Primitivo raised the rifle.

“I understand,” he said. “It is very simple.”

“Send first the small rock as a warning and indicate the direction and the number. See that you are not seen.”

“Yes,” Primitivo said. “If I can throw a grenade?”

“Not until the máquina has spoken. It may be that cavalry will come searching for their comrade and still not try to enter. They may follow the tracks of Pablo. We do not want combat if it can be avoided. Above all that we should avoid it. Now get up there.”

“Me voy,” Primitivo said, and climbed up into the high rocks with his carbine.

“Thou, Agustín,” Robert Jordan said. “What do you know of the gun?”

Agustín squatted there, tall, black, stubbly-joweled, with his sunken eyes and thin mouth and his big work-worn hands.

“Pues, to load it. To aim it. To shoot it. Nothing more.”

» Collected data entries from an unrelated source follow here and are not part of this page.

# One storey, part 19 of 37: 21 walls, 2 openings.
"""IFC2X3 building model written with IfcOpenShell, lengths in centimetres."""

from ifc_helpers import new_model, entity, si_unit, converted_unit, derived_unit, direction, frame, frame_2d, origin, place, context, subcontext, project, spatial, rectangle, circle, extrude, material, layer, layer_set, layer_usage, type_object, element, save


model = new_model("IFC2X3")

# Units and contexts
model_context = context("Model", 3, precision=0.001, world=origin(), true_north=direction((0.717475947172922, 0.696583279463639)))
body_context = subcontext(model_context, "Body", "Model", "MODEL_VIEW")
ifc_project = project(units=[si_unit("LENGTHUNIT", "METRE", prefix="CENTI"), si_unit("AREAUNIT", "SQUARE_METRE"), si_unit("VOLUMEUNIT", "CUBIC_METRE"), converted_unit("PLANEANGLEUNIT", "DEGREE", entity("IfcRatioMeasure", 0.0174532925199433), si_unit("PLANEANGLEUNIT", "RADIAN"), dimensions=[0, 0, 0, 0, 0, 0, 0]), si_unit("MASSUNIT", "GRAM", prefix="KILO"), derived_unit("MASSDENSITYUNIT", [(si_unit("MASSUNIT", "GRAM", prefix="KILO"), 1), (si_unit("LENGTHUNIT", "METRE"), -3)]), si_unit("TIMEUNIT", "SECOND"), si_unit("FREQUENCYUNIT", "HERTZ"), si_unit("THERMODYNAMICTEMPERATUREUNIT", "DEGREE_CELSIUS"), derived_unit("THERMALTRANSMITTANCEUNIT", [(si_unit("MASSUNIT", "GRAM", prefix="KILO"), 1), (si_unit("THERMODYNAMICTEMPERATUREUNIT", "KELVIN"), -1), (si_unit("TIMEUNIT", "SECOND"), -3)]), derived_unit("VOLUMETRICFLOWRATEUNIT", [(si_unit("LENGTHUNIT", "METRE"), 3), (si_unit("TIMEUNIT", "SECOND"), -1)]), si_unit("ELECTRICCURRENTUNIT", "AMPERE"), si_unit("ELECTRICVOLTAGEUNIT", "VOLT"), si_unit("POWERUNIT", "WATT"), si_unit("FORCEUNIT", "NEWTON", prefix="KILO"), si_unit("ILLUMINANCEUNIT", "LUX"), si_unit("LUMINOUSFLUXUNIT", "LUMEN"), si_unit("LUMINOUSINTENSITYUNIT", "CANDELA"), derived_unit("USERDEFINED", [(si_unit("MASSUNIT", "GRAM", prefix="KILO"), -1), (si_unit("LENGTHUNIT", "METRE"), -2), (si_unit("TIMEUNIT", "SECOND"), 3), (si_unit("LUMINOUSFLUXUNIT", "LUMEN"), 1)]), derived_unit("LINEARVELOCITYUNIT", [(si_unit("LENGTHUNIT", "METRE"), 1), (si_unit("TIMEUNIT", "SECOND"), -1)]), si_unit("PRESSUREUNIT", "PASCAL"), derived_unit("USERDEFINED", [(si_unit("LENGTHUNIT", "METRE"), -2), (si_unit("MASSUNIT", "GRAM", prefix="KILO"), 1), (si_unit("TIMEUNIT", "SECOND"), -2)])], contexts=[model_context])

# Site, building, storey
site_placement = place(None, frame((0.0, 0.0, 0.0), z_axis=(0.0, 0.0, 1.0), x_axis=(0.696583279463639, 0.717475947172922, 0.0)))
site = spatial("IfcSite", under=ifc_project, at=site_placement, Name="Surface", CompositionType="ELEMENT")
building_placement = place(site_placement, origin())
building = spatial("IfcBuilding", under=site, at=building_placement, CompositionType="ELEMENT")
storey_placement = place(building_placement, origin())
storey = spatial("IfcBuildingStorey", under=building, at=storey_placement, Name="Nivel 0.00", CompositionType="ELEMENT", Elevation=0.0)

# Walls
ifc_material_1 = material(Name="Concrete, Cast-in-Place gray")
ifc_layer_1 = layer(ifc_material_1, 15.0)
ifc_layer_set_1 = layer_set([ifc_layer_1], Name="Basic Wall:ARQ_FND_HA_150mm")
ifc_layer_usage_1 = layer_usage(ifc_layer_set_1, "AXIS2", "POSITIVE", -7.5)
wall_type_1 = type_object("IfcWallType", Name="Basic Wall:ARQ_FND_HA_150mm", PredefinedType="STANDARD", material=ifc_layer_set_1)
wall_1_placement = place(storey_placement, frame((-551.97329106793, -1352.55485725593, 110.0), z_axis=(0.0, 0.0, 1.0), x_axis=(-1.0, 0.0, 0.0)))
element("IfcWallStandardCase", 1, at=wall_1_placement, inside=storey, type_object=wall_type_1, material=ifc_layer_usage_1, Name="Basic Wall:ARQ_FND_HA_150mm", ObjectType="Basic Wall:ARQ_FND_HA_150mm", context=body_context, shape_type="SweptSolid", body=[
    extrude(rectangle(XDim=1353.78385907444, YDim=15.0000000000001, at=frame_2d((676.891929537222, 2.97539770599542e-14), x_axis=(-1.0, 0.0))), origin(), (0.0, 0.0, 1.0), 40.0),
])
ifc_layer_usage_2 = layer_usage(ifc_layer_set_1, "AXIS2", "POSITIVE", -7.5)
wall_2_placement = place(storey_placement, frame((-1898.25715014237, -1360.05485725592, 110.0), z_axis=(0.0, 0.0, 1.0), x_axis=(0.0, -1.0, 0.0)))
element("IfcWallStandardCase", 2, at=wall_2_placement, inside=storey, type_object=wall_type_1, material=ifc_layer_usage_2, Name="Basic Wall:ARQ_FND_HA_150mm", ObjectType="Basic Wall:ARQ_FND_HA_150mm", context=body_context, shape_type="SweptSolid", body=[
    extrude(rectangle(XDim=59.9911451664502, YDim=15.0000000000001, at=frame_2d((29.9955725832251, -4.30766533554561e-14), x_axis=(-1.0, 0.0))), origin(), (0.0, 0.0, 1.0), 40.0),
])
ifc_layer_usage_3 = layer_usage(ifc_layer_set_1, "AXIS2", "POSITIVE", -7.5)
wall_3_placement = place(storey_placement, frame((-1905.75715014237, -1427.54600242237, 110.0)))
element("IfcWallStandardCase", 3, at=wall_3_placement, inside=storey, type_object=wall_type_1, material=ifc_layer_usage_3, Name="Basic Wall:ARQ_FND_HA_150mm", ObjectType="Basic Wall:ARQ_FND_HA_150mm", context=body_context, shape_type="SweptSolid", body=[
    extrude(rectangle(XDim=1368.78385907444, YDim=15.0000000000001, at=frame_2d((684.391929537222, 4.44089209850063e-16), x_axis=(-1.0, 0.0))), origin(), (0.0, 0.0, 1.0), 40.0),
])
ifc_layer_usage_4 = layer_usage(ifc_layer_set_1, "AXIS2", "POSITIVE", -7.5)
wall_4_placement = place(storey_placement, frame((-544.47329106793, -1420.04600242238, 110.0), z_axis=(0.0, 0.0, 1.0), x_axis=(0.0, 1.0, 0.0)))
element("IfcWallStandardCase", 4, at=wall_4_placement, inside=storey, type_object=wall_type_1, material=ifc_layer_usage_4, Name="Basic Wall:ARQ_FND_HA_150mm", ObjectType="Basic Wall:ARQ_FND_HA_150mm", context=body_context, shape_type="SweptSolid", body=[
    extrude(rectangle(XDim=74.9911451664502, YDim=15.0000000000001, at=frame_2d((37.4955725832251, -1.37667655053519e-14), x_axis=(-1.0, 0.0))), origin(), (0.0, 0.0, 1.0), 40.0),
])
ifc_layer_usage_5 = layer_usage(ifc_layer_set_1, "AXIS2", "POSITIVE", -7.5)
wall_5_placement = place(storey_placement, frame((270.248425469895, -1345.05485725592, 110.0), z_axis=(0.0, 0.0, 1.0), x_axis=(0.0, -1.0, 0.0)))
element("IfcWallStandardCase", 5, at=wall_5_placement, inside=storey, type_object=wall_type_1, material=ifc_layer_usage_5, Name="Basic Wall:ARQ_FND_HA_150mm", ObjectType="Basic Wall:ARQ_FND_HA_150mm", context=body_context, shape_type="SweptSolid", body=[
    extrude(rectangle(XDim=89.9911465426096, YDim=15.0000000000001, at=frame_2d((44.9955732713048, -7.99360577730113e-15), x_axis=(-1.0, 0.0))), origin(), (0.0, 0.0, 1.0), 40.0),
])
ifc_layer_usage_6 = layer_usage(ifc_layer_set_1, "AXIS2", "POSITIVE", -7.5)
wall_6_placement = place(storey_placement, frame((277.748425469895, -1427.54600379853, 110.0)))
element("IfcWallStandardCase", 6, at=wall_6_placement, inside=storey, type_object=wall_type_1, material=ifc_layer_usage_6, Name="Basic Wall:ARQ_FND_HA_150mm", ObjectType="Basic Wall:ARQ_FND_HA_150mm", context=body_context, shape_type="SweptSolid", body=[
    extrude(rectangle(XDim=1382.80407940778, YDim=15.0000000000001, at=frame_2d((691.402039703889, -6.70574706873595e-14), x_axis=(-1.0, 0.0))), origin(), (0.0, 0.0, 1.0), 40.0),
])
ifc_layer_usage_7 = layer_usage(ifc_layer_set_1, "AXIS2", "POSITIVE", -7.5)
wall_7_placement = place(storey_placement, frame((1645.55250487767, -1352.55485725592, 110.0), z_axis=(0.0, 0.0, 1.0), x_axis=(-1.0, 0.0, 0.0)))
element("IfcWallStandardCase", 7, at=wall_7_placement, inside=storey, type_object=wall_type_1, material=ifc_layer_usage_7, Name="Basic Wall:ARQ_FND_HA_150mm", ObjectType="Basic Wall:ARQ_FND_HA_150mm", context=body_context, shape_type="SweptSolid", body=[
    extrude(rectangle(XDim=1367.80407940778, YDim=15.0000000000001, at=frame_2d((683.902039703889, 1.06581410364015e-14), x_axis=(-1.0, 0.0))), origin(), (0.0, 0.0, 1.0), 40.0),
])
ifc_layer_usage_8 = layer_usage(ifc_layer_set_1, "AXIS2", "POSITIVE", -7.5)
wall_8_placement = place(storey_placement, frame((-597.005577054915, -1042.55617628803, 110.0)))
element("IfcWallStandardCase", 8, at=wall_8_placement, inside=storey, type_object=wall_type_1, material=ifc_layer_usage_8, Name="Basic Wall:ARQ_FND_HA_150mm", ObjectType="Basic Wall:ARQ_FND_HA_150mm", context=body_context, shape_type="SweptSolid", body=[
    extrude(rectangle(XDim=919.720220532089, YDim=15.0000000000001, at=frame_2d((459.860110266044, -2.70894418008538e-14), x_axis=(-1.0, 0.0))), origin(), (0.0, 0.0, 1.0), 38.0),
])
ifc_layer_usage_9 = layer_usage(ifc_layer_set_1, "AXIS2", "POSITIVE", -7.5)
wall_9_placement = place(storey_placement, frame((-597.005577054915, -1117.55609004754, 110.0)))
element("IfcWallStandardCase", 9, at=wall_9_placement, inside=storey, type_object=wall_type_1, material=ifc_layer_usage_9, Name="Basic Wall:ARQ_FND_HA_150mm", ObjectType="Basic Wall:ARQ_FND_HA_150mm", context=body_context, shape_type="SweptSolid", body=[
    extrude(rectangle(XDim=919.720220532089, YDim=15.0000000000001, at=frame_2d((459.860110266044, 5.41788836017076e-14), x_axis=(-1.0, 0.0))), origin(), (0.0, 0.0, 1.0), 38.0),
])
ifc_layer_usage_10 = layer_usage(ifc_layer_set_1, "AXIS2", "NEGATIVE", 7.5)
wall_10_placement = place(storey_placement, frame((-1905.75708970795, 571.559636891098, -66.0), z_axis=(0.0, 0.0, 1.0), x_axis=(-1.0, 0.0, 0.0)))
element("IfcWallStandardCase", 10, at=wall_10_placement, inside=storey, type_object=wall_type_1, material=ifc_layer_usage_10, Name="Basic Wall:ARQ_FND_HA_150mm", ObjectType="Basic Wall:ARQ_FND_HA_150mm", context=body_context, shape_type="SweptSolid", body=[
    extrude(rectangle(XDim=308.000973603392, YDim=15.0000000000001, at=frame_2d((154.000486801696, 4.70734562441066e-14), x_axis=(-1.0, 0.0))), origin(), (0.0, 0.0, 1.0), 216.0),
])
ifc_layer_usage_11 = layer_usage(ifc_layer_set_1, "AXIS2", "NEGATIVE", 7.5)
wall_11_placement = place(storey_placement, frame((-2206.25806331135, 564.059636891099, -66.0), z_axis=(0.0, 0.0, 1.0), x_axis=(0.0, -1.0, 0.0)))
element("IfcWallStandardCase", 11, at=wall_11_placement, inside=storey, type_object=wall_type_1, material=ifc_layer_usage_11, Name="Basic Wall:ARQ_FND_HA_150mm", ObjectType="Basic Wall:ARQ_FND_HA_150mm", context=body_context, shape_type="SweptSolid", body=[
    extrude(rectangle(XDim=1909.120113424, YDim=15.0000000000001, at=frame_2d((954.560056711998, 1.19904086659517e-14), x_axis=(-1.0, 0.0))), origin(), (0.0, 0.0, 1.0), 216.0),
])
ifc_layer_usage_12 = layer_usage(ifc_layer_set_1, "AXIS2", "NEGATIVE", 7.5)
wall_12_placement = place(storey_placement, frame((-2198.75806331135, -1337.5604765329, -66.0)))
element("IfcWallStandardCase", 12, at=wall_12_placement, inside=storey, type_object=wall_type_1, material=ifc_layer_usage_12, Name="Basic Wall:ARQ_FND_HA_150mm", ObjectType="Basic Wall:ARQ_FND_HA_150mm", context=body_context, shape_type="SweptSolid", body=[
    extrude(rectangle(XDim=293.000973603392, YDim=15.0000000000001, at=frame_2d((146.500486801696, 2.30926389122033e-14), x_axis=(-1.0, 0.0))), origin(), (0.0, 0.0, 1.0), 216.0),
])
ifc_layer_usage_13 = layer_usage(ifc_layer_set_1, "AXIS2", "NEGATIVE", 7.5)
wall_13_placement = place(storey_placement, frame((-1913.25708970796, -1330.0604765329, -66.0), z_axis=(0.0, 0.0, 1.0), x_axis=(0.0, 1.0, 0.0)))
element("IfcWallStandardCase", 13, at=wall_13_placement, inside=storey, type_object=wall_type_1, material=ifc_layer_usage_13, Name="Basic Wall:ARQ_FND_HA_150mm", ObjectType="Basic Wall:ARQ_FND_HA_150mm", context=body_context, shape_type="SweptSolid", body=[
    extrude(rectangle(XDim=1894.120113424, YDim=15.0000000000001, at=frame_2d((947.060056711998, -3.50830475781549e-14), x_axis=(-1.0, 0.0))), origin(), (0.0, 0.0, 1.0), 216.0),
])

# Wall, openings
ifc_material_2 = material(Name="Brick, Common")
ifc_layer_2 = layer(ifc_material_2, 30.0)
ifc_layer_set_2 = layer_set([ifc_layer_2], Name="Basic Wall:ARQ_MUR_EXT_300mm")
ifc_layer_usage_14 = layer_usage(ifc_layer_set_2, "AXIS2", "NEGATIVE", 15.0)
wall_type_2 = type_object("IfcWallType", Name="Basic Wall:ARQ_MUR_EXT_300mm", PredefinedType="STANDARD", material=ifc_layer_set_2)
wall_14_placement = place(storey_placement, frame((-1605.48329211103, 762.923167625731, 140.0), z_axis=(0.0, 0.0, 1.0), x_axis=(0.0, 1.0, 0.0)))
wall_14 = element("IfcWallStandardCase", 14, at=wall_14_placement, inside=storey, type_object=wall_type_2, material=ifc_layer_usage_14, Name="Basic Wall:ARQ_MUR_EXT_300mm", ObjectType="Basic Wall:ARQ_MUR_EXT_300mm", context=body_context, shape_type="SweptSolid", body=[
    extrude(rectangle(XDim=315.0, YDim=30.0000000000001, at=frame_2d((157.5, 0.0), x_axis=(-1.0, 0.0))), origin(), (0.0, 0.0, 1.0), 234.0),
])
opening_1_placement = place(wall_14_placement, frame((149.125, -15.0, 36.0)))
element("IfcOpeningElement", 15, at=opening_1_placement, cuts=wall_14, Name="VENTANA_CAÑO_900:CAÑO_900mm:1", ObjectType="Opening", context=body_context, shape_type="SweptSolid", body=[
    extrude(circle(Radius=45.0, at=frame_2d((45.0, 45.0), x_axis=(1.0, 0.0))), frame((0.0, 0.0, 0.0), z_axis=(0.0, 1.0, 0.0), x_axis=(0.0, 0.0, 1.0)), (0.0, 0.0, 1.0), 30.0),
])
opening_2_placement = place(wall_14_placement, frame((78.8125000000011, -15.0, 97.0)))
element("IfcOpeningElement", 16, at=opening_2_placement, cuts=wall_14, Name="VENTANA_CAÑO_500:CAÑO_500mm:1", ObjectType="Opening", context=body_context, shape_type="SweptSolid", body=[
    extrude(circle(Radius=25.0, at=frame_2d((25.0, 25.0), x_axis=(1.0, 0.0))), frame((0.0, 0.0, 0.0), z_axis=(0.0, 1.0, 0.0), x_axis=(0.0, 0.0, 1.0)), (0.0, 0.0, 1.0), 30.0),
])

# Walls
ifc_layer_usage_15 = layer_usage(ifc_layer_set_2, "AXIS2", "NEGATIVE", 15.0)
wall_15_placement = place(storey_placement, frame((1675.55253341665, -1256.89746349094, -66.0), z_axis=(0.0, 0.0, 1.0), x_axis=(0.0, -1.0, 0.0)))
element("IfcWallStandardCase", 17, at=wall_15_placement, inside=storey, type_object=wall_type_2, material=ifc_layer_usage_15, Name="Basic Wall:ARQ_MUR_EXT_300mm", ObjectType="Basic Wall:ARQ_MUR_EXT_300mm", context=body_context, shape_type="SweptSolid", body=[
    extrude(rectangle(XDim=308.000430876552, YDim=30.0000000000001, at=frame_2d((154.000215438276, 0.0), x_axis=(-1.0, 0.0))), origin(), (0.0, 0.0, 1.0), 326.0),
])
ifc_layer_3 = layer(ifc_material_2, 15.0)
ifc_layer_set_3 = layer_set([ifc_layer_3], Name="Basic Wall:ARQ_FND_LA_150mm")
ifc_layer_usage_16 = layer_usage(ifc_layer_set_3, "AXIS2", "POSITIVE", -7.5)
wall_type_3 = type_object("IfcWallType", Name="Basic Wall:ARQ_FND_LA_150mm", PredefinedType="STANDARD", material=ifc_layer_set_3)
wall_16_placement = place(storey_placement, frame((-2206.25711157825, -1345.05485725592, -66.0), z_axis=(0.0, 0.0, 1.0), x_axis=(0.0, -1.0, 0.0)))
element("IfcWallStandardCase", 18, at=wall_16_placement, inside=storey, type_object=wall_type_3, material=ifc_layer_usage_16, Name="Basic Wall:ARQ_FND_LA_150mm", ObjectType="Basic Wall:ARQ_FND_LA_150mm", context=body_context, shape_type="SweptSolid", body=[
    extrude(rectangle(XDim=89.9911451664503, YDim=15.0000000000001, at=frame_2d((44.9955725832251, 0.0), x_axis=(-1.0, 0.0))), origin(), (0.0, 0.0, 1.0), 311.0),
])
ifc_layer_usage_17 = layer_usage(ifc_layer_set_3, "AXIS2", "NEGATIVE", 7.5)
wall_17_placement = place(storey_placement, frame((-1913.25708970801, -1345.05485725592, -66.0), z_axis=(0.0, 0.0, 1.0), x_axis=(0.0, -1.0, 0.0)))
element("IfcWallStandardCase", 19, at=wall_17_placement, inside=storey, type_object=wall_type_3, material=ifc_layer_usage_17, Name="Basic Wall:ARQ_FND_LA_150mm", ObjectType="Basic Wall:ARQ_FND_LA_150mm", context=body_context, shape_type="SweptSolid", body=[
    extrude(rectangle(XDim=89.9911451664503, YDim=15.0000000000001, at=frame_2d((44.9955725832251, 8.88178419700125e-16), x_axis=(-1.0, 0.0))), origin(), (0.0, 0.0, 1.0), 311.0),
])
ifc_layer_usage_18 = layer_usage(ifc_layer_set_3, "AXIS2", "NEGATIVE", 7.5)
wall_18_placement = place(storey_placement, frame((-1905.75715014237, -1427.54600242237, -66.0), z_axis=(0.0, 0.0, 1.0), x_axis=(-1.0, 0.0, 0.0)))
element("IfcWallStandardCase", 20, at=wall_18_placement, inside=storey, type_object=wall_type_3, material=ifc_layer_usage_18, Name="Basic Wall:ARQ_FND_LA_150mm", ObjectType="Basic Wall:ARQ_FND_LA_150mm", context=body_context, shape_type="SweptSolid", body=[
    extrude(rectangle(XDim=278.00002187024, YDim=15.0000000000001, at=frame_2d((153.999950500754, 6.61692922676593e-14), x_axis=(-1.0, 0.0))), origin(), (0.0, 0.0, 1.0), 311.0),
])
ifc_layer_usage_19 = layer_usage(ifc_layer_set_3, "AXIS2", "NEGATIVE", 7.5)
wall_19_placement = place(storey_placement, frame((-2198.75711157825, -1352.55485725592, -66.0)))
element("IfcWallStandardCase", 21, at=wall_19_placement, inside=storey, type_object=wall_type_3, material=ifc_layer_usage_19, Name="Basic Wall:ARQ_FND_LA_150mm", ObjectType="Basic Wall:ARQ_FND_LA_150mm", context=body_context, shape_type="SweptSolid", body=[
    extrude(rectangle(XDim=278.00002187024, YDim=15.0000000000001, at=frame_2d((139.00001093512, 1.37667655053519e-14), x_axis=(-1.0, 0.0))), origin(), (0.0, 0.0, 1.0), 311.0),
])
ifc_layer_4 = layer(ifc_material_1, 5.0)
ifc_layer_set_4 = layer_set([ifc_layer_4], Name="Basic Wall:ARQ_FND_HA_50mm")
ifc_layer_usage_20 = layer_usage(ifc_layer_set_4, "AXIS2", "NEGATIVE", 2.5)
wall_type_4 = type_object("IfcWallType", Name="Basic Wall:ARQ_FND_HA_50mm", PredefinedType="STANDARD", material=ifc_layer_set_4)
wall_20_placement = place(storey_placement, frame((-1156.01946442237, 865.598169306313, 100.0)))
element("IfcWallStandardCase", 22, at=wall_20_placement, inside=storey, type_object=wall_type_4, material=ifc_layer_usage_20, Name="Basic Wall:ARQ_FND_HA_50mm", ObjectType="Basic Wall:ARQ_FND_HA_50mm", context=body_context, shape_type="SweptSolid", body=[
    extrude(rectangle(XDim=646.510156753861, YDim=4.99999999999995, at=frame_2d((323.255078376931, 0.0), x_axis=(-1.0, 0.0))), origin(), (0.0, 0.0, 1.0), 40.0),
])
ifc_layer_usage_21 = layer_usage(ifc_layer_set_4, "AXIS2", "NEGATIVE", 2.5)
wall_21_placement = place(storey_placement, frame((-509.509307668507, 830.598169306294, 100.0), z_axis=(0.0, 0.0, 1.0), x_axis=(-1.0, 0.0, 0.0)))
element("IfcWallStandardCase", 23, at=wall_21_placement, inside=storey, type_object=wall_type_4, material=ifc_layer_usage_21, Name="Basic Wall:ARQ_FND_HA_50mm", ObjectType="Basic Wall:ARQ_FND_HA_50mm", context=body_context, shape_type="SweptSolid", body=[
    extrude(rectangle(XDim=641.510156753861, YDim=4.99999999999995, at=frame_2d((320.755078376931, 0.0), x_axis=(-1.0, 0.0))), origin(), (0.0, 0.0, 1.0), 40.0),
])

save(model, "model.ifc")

“You must not fire until they are within fifty meters and only when you are sure they will be coming into the pass which leads to the cave,” Robert Jordan said.

“Yes. How far is that?”

“That rock.”

“If there is an officer shoot him first. Then move the gun onto the others. Move very slowly. It takes little movement. I will teach Fernando to tap it. Hold it tight so that it does not jump and sight carefully and do not fire more than six shots at a time if you can help it. For the fire of the gun jumps upward. But each time fire at one man and then move from him to another. At a man on a horse, shoot at his belly.”

“Yes.”

“One man should hold the tripod still so that the gun does not jump. Thus. He will load the gun for thee.”

“And where will you be?”

“I will be here on the left. Above, where I can see all and I will cover thy left with this small máquina. Here. If they should come it would be possible to make a massacre. But you must not fire until they are that close.”

“I believe that we could make a massacre. Menuda matanza!”

“But I hope they do not come.”

“If it were not for thy bridge we could make a massacre here and get out.”

“It would avail nothing. That would serve no purpose. The bridge is a part of a plan to win the war. This would be nothing. This would be an incident. A nothing.”

“Qué va, nothing. Every fascist dead is a fascist less.”

“Yes. But with this of the bridge we can take Segovia. The Capital of a Province. Think of that. It will be the first one we will take.”

“Thou believest in this seriously? That we can take Segovia?”

“Yes. It is possible with the bridge blown correctly.”

“I would like to have the massacre here and the bridge, too.”

“Thou hast much appetite,” Robert Jordan told him.

All this time he had been watching the crows. Now he saw one was watching something. The bird cawed and flew up. But the other crow still stayed in the tree. Robert Jordan looked up toward Primitivo’s place high in the rocks. He saw him watching out over the country below but he made no signal. Robert Jordan leaned forward and worked the lock on the automatic rifle, saw the round in the chamber and let the lock down. The crow was still there in the tree. The other circled wide over the snow and then settled again. In the sun and the warm wind the snow was falling from the laden branches of the pines.

“I have a massacre for thee for tomorrow morning,” Robert Jordan said. “It is necessary to exterminate the post at the sawmill.”

“I am ready,” Agustín said, “Estoy listo.”

“Also the post at the road mender’s hut below the bridge.”

“For the one or for the other,” Agustín said. “Or for both.”

“Not for both. They will be done at the same time,” Robert Jordan said.

“Then for either one,” Agustín said. “Now for a long time have I wished for action in this war. Pablo has rotted us here with inaction.”

Anselmo came up with the ax.

“Do you wish more branches?” he asked. “To me it seems well hidden.”

“Not branches,” Robert Jordan said. “Two small trees that we can plant here and there to make it look more natural. There are not enough trees here for it to be truly natural.”

“I will bring them.”

“Cut them well back, so the stumps cannot be seen.”

Robert Jordan heard the ax sounding in the woods behind him. He looked up at Primitivo above in the rocks and he looked down at the pines across the clearing. The one crow was still there. Then he heard the first high, throbbing murmur of a plane coming. He looked up and saw it high and tiny and silver in the sun, seeming hardly to move in the high sky.

“They cannot see us,” he said to Agustín. “But it is well to keep down. That is the second observation plane today.”

“And those of yesterday?” Agustín asked.

“They are like a bad dream now,” Robert Jordan said.

“They must be at Segovia. The bad dream waits there to become a reality.”

The plane was out of sight now over the mountains but the sound of its motors still persisted.

As Robert Jordan looked, he saw the crow fly up. He flew straight away through the trees without cawing.